Like the previous exercise, this exercise can be done standing or sitting. If you do it standing up, you should bend your legs a little and take a dumbbell with each hand. It is necessary to raise both arms and position them above the head, bending the elbows to bring them up to the neck. Then, the elbows are stretched and return to the starting position.

To avoid injuries, it is very important not to move your arms, so that they are in another position.

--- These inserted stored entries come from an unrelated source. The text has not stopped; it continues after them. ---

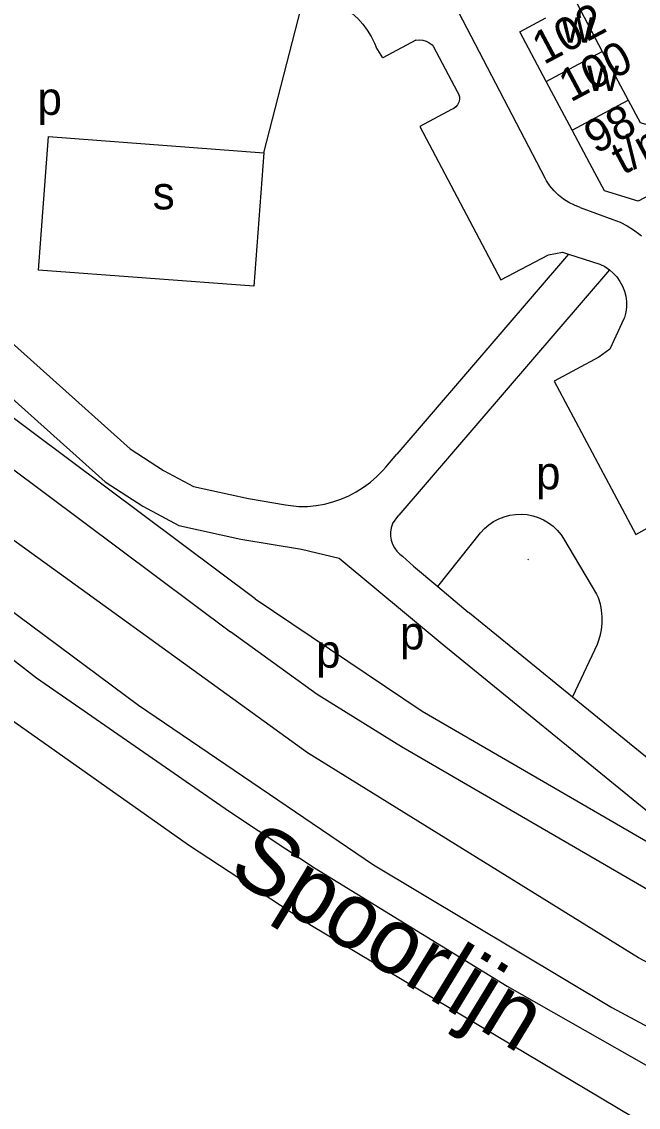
# Model space of a CAD drawing. Extents: x 159902 to 161769, y 383692 to 384875.
# Drawn here: x 160524 to 160598.8, y 383771.4 to 383903 of the extents above; entities that cross this region are included whole.
import ezdxf

# ---------------------------------------------------------------- set-up
doc = ezdxf.new("R2010")
doc.units = 0
for name, color, linetype in [('BLT_Basislijn', 7, 'Continuous'), ('BLT_Bebouwing', 7, 'Continuous'), ('BLT_Centroide', 7, 'Continuous'), ('BLT_Huisnummer', 7, 'Continuous'), ('BLT_Huisnummer_ tussenligend', 7, 'Continuous'), ('BLT_Huisnummer_reeks', 7, 'Continuous'), ('BLT_Onderverdeling_panden', 7, 'Continuous'), ('BLT_Spoorlijn', 7, 'Continuous'), ('BLT_Vlakafsluiter', 7, 'Continuous'), ('BLT_Waternaam_spoorwegen', 7, 'Continuous')]:
    doc.layers.add(name, color=color, linetype=linetype)

msp = doc.modelspace()

# ---------------------------------------------------------------- linework, layer by layer
at = {"layer": 'BLT_Basislijn'}
for p, q in [((160573.94, 383900.07), (160576.87, 383894.55)), ((160576.15, 383892.37), (160572.31, 383890.3)), ((160572.31, 383890.3), (160582.16, 383871.71)), ((160591.79, 383880.5), (160595.73, 383879.04)), ((160590.37, 383874.84), (160569.52, 383850.58)), ((160582.16, 383871.71), (160587.95, 383874.76)), ((160590.37, 383874.84), (160594.17, 383873.62)), ((160595.33, 383872.94), (160569.77, 383843.19)), ((160594.05, 383862.32), (160588.63, 383859.42)), ((160568.19, 383848.99), (160569.52, 383850.58)), ((160556.04, 383844.44), (160557.66, 383844.21)), ((160569, 383842.11), (160569.77, 383843.19)), ((160574.49, 383834.52), (160579.69, 383841.02)), ((160589.76, 383840.34), (160593.75, 383833.59)), ((160571.55, 383836.97), (160570.21, 383838.22)), ((160585.43, 383837.82), (160585.49, 383837.74)), ((160571.55, 383836.97), (160574.49, 383834.52)), ((160593.75, 383833.59), (160593.94, 383833.17)), ((160552.35, 383833.03), (160572.6, 383819.39)), ((160578.33, 383831.32), (160586.86, 383824.38)), ((160593.82, 383827.47), (160590.85, 383821.13)), ((160586.86, 383824.38), (160590.85, 383821.13))]:
    msp.add_line(p, q, dxfattribs=at)
for points in [[(160332.83, 384037.54), (160387.41, 383973.03), (160409.45, 383948.29), (160442.61, 383913.47), (160476.86, 383880.31), (160497.51, 383864), (160513.41, 383855.86), (160549.35, 383829.03)], [(160552.35, 383833.03), (160516.07, 383860.12), (160500.23, 383868.23), (160480.16, 383884.08), (160446.09, 383917.07)], [(160587.52, 383884.04), (160575.54, 383907.06), (160574.98, 383907.97)], [(160558.36, 383906.48), (160559.26, 383906.36), (160560.15, 383906.15), (160561.01, 383905.87), (160561.85, 383905.51), (160562.65, 383905.09), (160563.42, 383904.59), (160564.13, 383904.03), (160564.8, 383903.4), (160565.4, 383902.72), (160565.95, 383901.99), (160566.43, 383901.22), (160566.83, 383900.41), (160567.03, 383899.93)], [(160571.85, 383900.78), (160567.85, 383898.64), (160567.03, 383899.93)], [(160571.85, 383900.78), (160572.27, 383900.82), (160572.69, 383900.78), (160573.09, 383900.66), (160573.47, 383900.47), (160573.8, 383900.22), (160573.94, 383900.07)], [(160576.87, 383894.55), (160577.03, 383894.26), (160577.12, 383893.93), (160577.12, 383893.59), (160577.05, 383893.26), (160576.91, 383892.96), (160576.69, 383892.7), (160576.43, 383892.49), (160576.15, 383892.37)], [(160553.4, 383887.1), (160552.19, 383870.94), (160526.06, 383872.9), (160527.27, 383889.08), (160553.4, 383887.1)], [(160499.71, 383884.73), (160537.18, 383851.2), (160541.24, 383848.59), (160544.85, 383846.65), (160551.53, 383845.19), (160556.04, 383844.44)], [(160591.79, 383880.5), (160591.08, 383880.76), (160590.39, 383881.1), (160589.75, 383881.51), (160589.15, 383881.98), (160588.6, 383882.51), (160588.11, 383883.1), (160587.69, 383883.74), (160587.52, 383884.04)], [(160494.74, 383882.47), (160534.14, 383847.21), (160538.7, 383844.28), (160543.1, 383841.91), (160550.59, 383840.28), (160557.96, 383839.05), (160562.54, 383837.97), (160575.03, 383827.56), (160599.76, 383807.45), (160612.28, 383798.99), (160628.85, 383790.24)], [(160595.73, 383879.04), (160596.61, 383878.69), (160597.46, 383878.27), (160598.26, 383877.78), (160599.03, 383877.22), (160599.22, 383877.05)], [(160587.95, 383874.76), (160589.62, 383875.08), (160590.37, 383874.84)], [(160594.17, 383873.62), (160594.75, 383873.33), (160595.33, 383872.94)], [(160595.33, 383872.94), (160595.79, 383872.54), (160596.23, 383872.06), (160596.6, 383871.53), (160596.91, 383870.96), (160597.14, 383870.35), (160597.3, 383869.72), (160597.38, 383869.07), (160597.38, 383868.42), (160597.3, 383867.78), (160597.14, 383867.15), (160597.08, 383866.97)], [(160597.08, 383866.97), (160595.38, 383863.32), (160594.05, 383862.32)], [(160588.63, 383859.42), (160598.52, 383840.83), (160602.38, 383842.97)], [(160557.66, 383844.21), (160558.7, 383844.24), (160559.73, 383844.34), (160560.75, 383844.52), (160561.76, 383844.78), (160562.74, 383845.11), (160563.69, 383845.52), (160564.61, 383846), (160565.49, 383846.55), (160566.32, 383847.17), (160567.11, 383847.85), (160567.83, 383848.59), (160568.19, 383848.99)], [(160579.69, 383841.02), (160580.17, 383841.54), (160580.7, 383842), (160581.27, 383842.4), (160581.89, 383842.73), (160582.55, 383842.99), (160583.23, 383843.17), (160583.92, 383843.27), (160584.62, 383843.3), (160585.33, 383843.24), (160586.02, 383843.11), (160586.68, 383842.9), (160587.33, 383842.61), (160587.93, 383842.25), (160588.49, 383841.83), (160589, 383841.34), (160589.45, 383840.8), (160589.76, 383840.34)], [(160569, 383842.11), (160568.84, 383841.63), (160568.76, 383841.13), (160568.76, 383840.63), (160568.84, 383840.14), (160569, 383839.66), (160569.23, 383839.21), (160569.53, 383838.81), (160569.89, 383838.46), (160570.21, 383838.22)], [(160574.49, 383834.52), (160578.2, 383831.42), (160578.33, 383831.32)], [(160593.94, 383833.17), (160594.18, 383832.41), (160594.33, 383831.64), (160594.41, 383830.85), (160594.41, 383830.05), (160594.33, 383829.26), (160594.16, 383828.49), (160593.93, 383827.73), (160593.82, 383827.47)], [(160685.49, 383755.81), (160663.23, 383765.09), (160640.11, 383776.07), (160615.32, 383788.84), (160570.09, 383815.07), (160559.86, 383821.42), (160549.35, 383829.03)], [(160590.85, 383821.13), (160602.74, 383811.47), (160614.85, 383803.29), (160630.92, 383794.79)], [(160572.6, 383819.39), (160617.72, 383793.23), (160642.4, 383780.51)]]:
    msp.add_lwpolyline(points, dxfattribs=at)
at = {"layer": 'BLT_Bebouwing'}
for p, q in [((160591.39, 383905.17), (160594.46, 383899.4)), ((160594.46, 383899.4), (160597.6, 383893.5)), ((160590.79, 383889.87), (160587.65, 383895.78)), ((160592.95, 383885.83), (160590.79, 383889.87))]:
    msp.add_line(p, q, dxfattribs=at)
for points in [[(160587.65, 383895.78), (160584.45, 383901.79), (160587.62, 383903.48)], [(160597.6, 383893.5), (160599.05, 383890.78), (160599.71, 383890.58), (160604.65, 383893.21)], [(160601.39, 383882.65), (160598.81, 383881.27), (160594.71, 383882.52), (160592.95, 383885.83)]]:
    msp.add_lwpolyline(points, dxfattribs=at)
at = {"layer": 'BLT_Onderverdeling_panden'}
for p, q in [((160587.65, 383895.78), (160594.46, 383899.4)), ((160590.79, 383889.87), (160597.6, 383893.5))]:
    msp.add_line(p, q, dxfattribs=at)
at = {"layer": 'BLT_Spoorlijn'}
for points in [[(160470.4, 383874.31), (160500.05, 383848.69), (160513.86, 383838.19), (160538.17, 383820.13), (160566.71, 383800.78)], [(160470.21, 383868.97), (160501.15, 383842.61), (160525.83, 383823.45), (160549.21, 383807.23), (160559.53, 383800.41)], [(160793.13, 383713.32), (160766.04, 383720.12), (160726.94, 383731.96), (160686.31, 383747.06), (160640.98, 383767.11), (160598.87, 383789.48), (160558.68, 383814.33), (160516.13, 383845.06)], [(160498.71, 383836.91), (160517.36, 383822.16), (160544.24, 383803.18), (160559.16, 383793.41)], [(160566.71, 383800.78), (160595.62, 383783.46), (160626.93, 383766.69), (160664.31, 383749), (160682.91, 383741.08)], [(160559.53, 383800.41), (160582.92, 383786.04), (160609.25, 383771.11), (160628.77, 383761.16), (160650.68, 383750.29), (160671.86, 383741.08), (160684.94, 383735.73)], [(160559.16, 383793.41), (160601.88, 383767.98), (160630.43, 383753.24), (160651.05, 383743.29), (160670.57, 383735.18), (160683.46, 383730.02)]]:
    msp.add_lwpolyline(points, dxfattribs=at)
at = {"layer": 'BLT_Vlakafsluiter'}
msp.add_line((160553.4, 383887.1), (160558.36, 383906.48), dxfattribs=at)

# ---------------------------------------------------------------- texts
at = {"layer": 'BLT_Centroide'}
for s, p in [('w', (160589.52, 383900.47)), ('w', (160592.62, 383894.62)), ('p', (160525.93, 383891.72)), ('s', (160539.91, 383880.26)), ('p', (160586.41, 383846.3)), ('p', (160569.91, 383826.89)), ('p', (160559.74, 383824.67))]:
    msp.add_text(s, height=4, dxfattribs=at).set_placement(p)
at = {"layer": 'BLT_Huisnummer'}
msp.add_text('102', height=4, rotation=28.0463, dxfattribs=at).set_placement((160587.36, 383897.75))
at = {"layer": 'BLT_Huisnummer_ tussenligend'}
msp.add_text('100', height=4, rotation=28.0428, dxfattribs=at).set_placement((160590.59, 383893.19))
at = {"layer": 'BLT_Huisnummer_reeks'}
for s, rotation, p in [('98', 28.0428, (160593.65, 383886.91)), ('t/m', 28.0427, (160596.96, 383884.38))]:
    msp.add_text(s, height=4, rotation=rotation, dxfattribs=at).set_placement(p)
at = {"layer": 'BLT_Waternaam_spoorwegen'}
msp.add_text('Spoorlijn', height=8, rotation=328.5774, dxfattribs=at).set_placement((160548.81, 383799.54))

doc.saveas('drawing.dxf')

The elbows should always be close to the ears and should move as little as possible.

bicep curls

Another well-known exercise to train your arms is the biceps curl . Doing it is as easy as slightly bending your knees, taking a dumbbell in each hand and letting your arms drop. From this position, bend the elbows and raise the wrists to the shoulders. Then it should be lowered slowly to the starting position .

To avoid injuries it is important not to separate the elbows too far from the body. It is best to keep them always glued. On the other hand, the back must also always be upright and straight. If it is difficult to do the exercise standing up, you can do it sitting down.